To do
Scan the entries for the word "PLAIN", and copy every line where it appears.
- - -
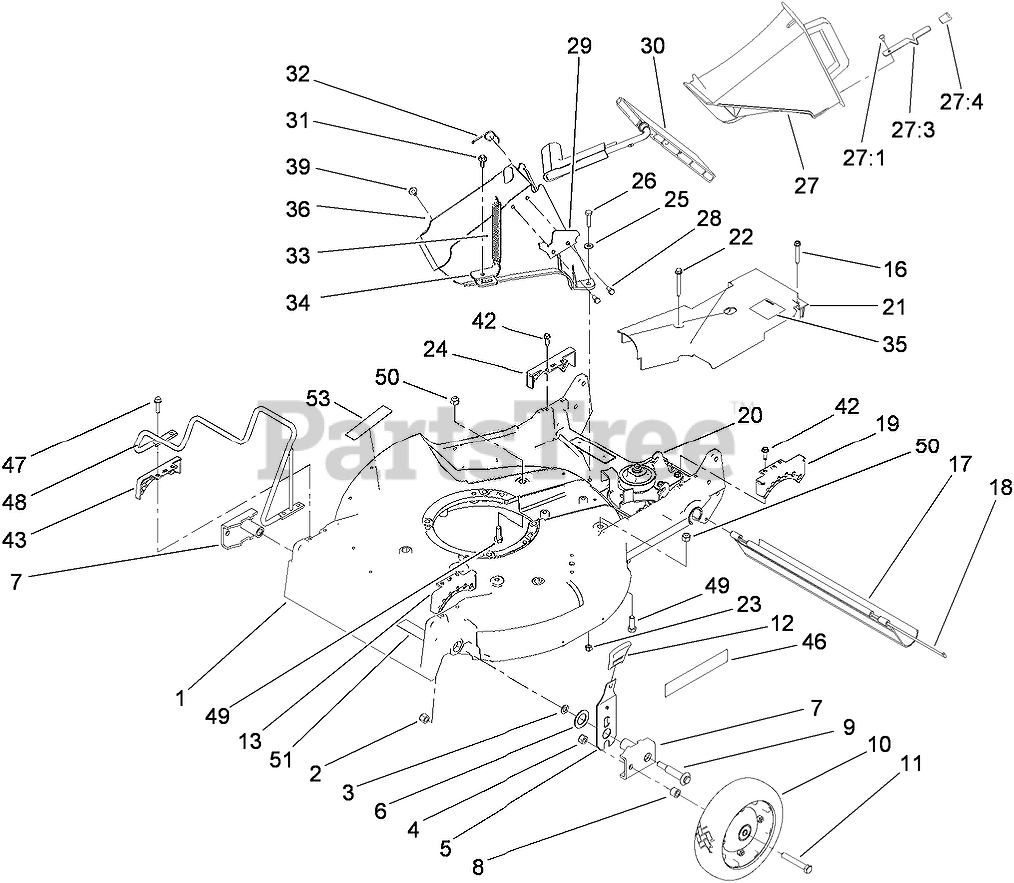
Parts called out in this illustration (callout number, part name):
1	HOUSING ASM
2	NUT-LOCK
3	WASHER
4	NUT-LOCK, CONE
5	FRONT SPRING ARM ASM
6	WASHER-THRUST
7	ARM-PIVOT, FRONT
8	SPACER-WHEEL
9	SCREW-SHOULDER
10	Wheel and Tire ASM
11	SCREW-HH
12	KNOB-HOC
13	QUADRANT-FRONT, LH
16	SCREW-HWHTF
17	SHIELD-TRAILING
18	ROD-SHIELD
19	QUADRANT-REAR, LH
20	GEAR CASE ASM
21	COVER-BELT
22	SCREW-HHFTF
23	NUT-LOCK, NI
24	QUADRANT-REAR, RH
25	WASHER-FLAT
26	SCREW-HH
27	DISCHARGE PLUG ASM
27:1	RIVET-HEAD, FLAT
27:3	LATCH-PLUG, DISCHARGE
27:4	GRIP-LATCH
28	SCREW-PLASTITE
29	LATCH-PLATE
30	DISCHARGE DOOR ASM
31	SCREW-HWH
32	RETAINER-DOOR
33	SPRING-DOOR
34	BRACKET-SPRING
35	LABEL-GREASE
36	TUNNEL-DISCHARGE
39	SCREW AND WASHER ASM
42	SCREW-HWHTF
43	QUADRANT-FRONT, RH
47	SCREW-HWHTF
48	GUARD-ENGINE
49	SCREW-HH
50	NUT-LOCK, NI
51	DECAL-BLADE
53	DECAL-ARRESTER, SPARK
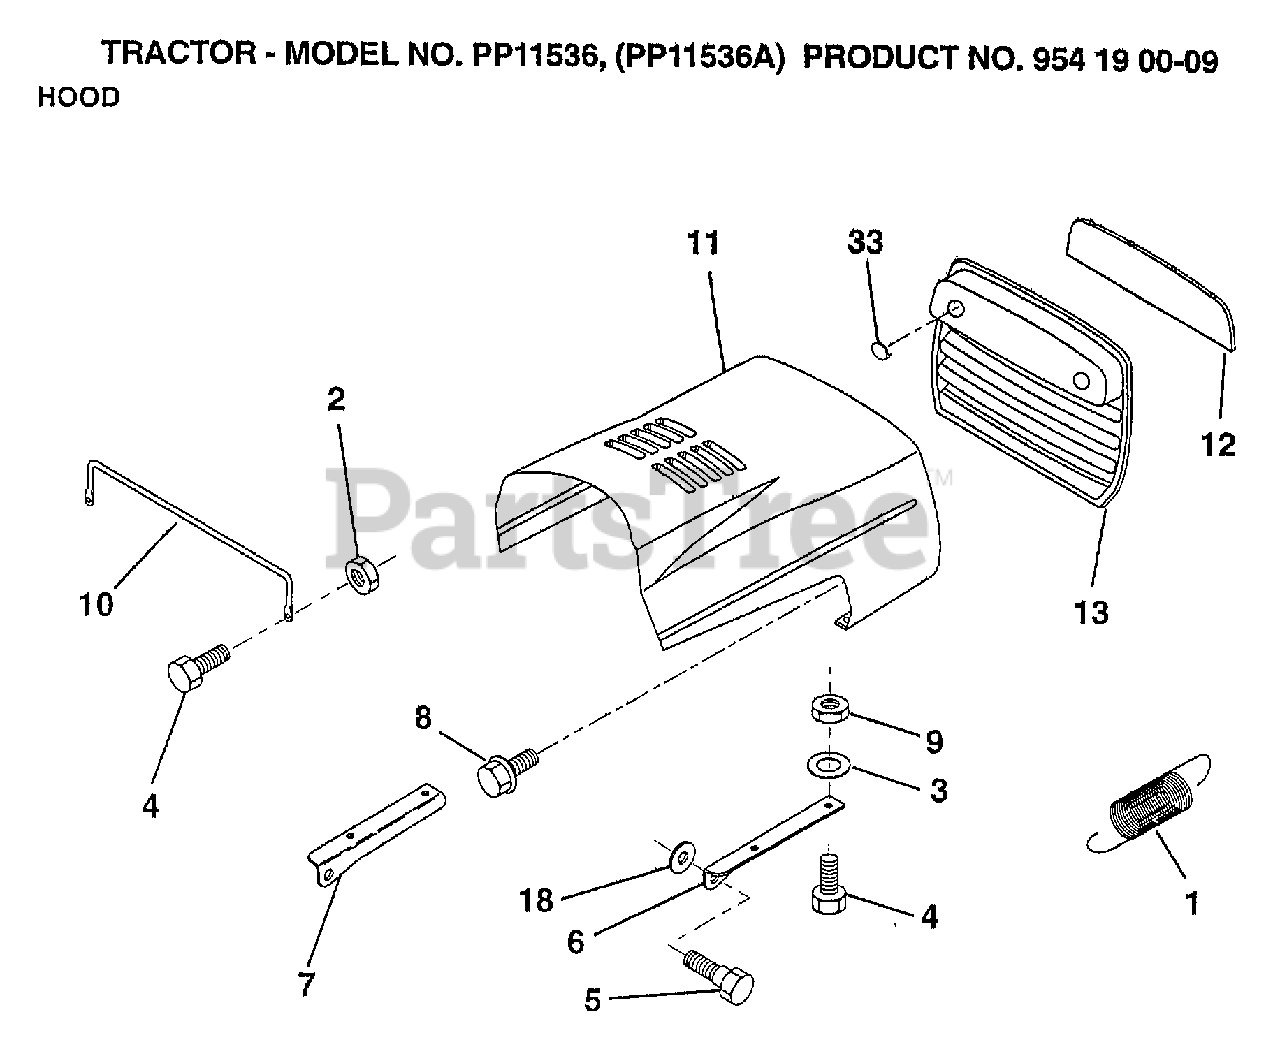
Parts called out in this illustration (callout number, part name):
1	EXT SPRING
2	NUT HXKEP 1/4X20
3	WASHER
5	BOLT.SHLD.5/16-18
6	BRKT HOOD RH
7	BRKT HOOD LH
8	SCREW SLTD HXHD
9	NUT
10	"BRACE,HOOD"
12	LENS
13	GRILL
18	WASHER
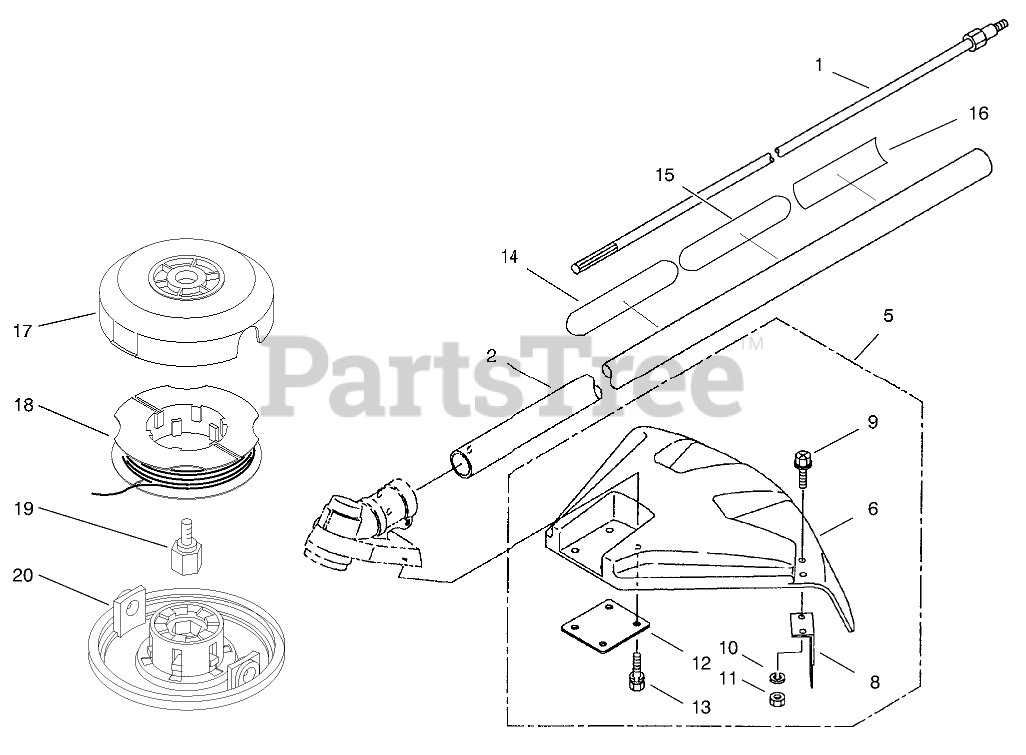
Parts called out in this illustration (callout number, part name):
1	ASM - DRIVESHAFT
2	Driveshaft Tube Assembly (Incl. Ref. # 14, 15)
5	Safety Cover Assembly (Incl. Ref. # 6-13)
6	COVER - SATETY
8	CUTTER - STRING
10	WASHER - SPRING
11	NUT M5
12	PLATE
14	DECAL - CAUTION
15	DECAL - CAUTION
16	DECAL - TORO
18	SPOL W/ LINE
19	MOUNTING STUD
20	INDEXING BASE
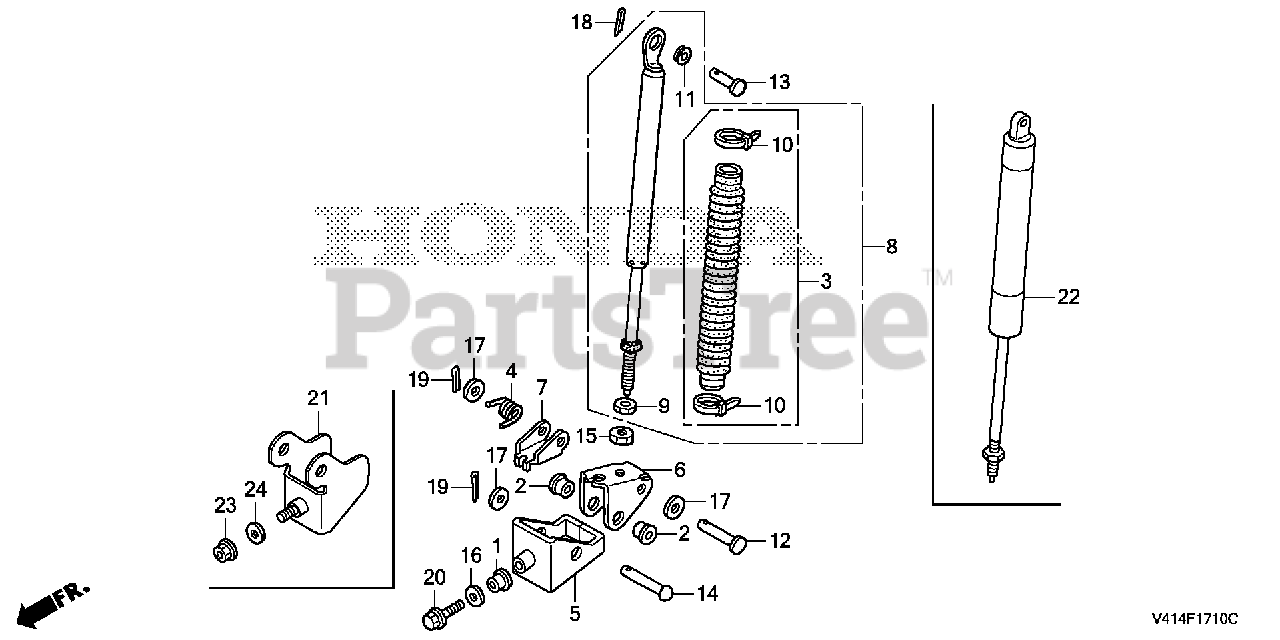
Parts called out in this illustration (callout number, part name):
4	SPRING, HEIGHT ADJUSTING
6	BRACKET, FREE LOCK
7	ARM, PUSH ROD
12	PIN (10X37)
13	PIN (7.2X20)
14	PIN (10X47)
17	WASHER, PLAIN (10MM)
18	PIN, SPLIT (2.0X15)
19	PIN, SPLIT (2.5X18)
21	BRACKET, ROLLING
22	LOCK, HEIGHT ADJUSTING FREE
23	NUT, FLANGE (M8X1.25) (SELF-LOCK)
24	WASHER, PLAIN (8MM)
- - -
Answer to this problem
17	WASHER, PLAIN (10MM)
24	WASHER, PLAIN (8MM)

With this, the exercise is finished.